Меня давно, с осени 1939 года, волновала сложная проблема, связанная с заключением договора о дружбе, ненападении и взаимопомощи между СССР и Германией. Предательская сущность этого пакта, отход от основных принципов мирной политики были, пожалуй, ясны мне с самого начала. Последовавшие вслед за пактом четвертый раздел Польши, позорная война с Финляндией, захват Литвы, Латвии, Эстонии и Бессарабии означали откровенный переход к политике колониальных захватов. Однако, несмотря на то, что во мне боролись противоречивые чувства возмущения и патриотической гордости, говорить об этом с кем-либо, кроме самых близких друзей, было равносильно прямому самоубийству.
Но был у этой проблемы один аспект, который — после Сталинграда, после Курской дуги — казался мне вполне безопасным: пораженческая позиция коммунистических партий Франции и Англии, занятая ими с первых же дней второй мировой войны.
Я учился в то время в Высшей специальной школе Генерального штаба Красной армии. Любопытным отличием этой строго засекреченной академии, готовившей кадры для советской разведки, было то, что в академической библиотеке получались и были вполне доступны все основные газеты и журналы западного мира — английские, французские, американские и, конечно же, «союзнические» — немецкие.

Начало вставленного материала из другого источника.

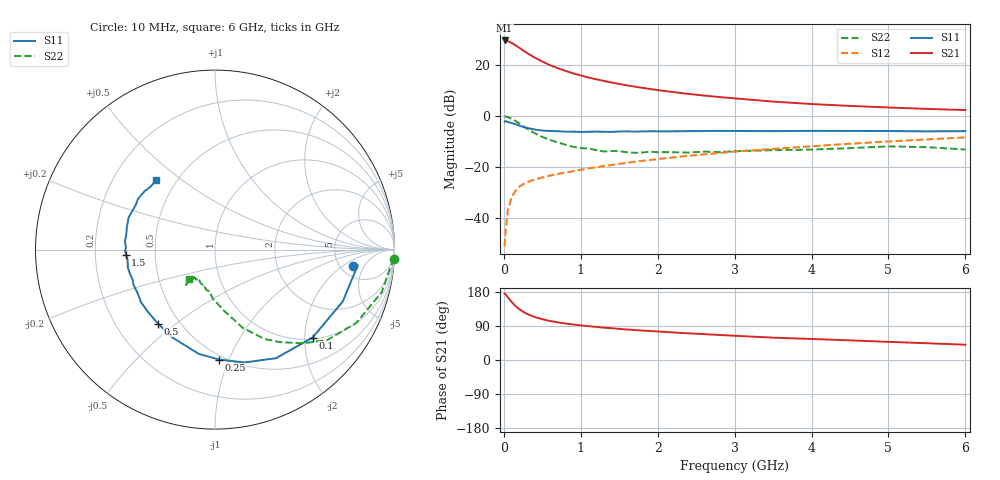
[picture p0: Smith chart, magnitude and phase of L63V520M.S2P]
!  INFINEON TECHNOLOGIES Small Signal Semiconductors
! BFR380L3 , Si-NPN RF-Transistor in TSLP-3-1
!  Vce=3.5 V,  Ic=20 mA
! Common Emitter S-Parameters:  07. March 2005
#  GHz  S  MA  R  50
! f  S11  S21  S12  S22
! GHz  Mag  Ang  Mag  Ang  Mag  Ang  Mag  Ang
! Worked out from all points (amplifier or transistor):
!   36 points, 10 MHz to 6 GHz, reference 50 ohm
!   highest |S21| = 29.7 dB at 10 MHz (marker M1)
!   |S21| within 3 dB of that: start of sweep to 206.6 MHz
!   unconditionally stable (mu >= 1): 1.98 GHz to 4.771 GHz
!   at 250 MHz: K = 0.34, MSG = 26.3 dB, |S12| = -26.7 dB
!   at 1.4 GHz: K = 0.93, MSG = 16.2 dB, |S12| = -19.2 dB
!   at 6 GHz: K = 0.97, MSG = 5.4 dB, |S12| = -8.4 dB
!   S11 on the Smith chart (normalised r, x): 10 MHz: 6.43, -2.91; 100 MHz: 1.04, -2.19; 250 MHz: 0.47, -0.92; 500 MHz: 0.38, -0.43; 1.5 GHz: 0.34, -0.03; 6 GHz: 0.39, +0.40
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0.01  0.7721 -6.8  30.51 175.2  0.0028 86.8  0.9991 -2.9
0.02  0.7997 -6.3  30.34 174.4  0.0049 81.6  0.9813 -5.9
0.05  0.7683 -22.1  29.56 165.9  0.0137 80.6  0.9588 -14.3
0.1  0.732 -42.0  27.33 153.5  0.0251 71.7  0.8871 -27.4
0.15  0.6942 -60.6  24.69 142.7  0.0341 64.3  0.8028 -38.9
0.2  0.6499 -75.4  21.93 134.2  0.0409 59.6  0.7154 -46.9
0.25  0.6132 -87.8  19.5 127.5  0.046 55.6  0.6308 -54.8
0.3  0.5878 -98.9  17.33 121.8  0.0502 53.7  0.5706 -60.9
0.4  0.5445 -115.8  14.09 113.4  0.057 51.9  0.4618 -70.6
0.5  0.5207 -127.7  11.77 107.6  0.0623 51.2  0.3905 -76.2
0.6  0.5097 -137.5  9.991 102.9  0.0679 51.2  0.3423 -81.9
0.7  0.5057 -144.4  8.725 99.4  0.0732 52.8  0.3035 -87.0
0.9  0.4946 -156.9  6.895 93.7  0.0825 54.7  0.2498 -95.6
1.1  0.4927 -164.3  5.731 89.2  0.0939 56.6  0.2308 -101.5
1.5  0.4983 -176.7  4.27 82.1  0.1157 59.5  0.2058 -111.6
1.8  0.5001 176.6  3.586 77.7  0.1323 60.9  0.1929 -117.1
2.2  0.5022 169.2  2.963 72.7  0.1548 61.7  0.1955 -121.1
2.8  0.5134 159.5  2.369 66.1  0.1888 62.7  0.1965 -128.5
3.5  0.5068 150.6  1.925 59.0  0.2273 61.6  0.2144 -128.8
4.5  0.5114 143.9  1.585 51.8  0.2864 61.0  0.2353 -129.3
5.5  0.5016 135.7  1.385 44.2  0.3485 58.0  0.2454 -129.6
6  0.5068 130.4  1.313 40.4  0.3813 56.1  0.2209 -131.1

Я до сих пор помню потрясение, испытанное мною, когда в результате чтения этих газет мне стало ясно, что руководство французской компартии уже
после
поражения Франции вплоть до июня 1941 года призывало французов брататься с немецкими оккупантами и требовало включения своих представителей в коллаборационистское правительство маршала Петена. Вот этой темы я и решил осторожно коснуться в своем «содокладе».Выбрав время, я раза два или три навестил библиотеку передвижного Дома Красной армии и на листке бумаги (он сохранился у меня до сих пор) набросал три пункта, вряд ли прочно связанных друг с другом.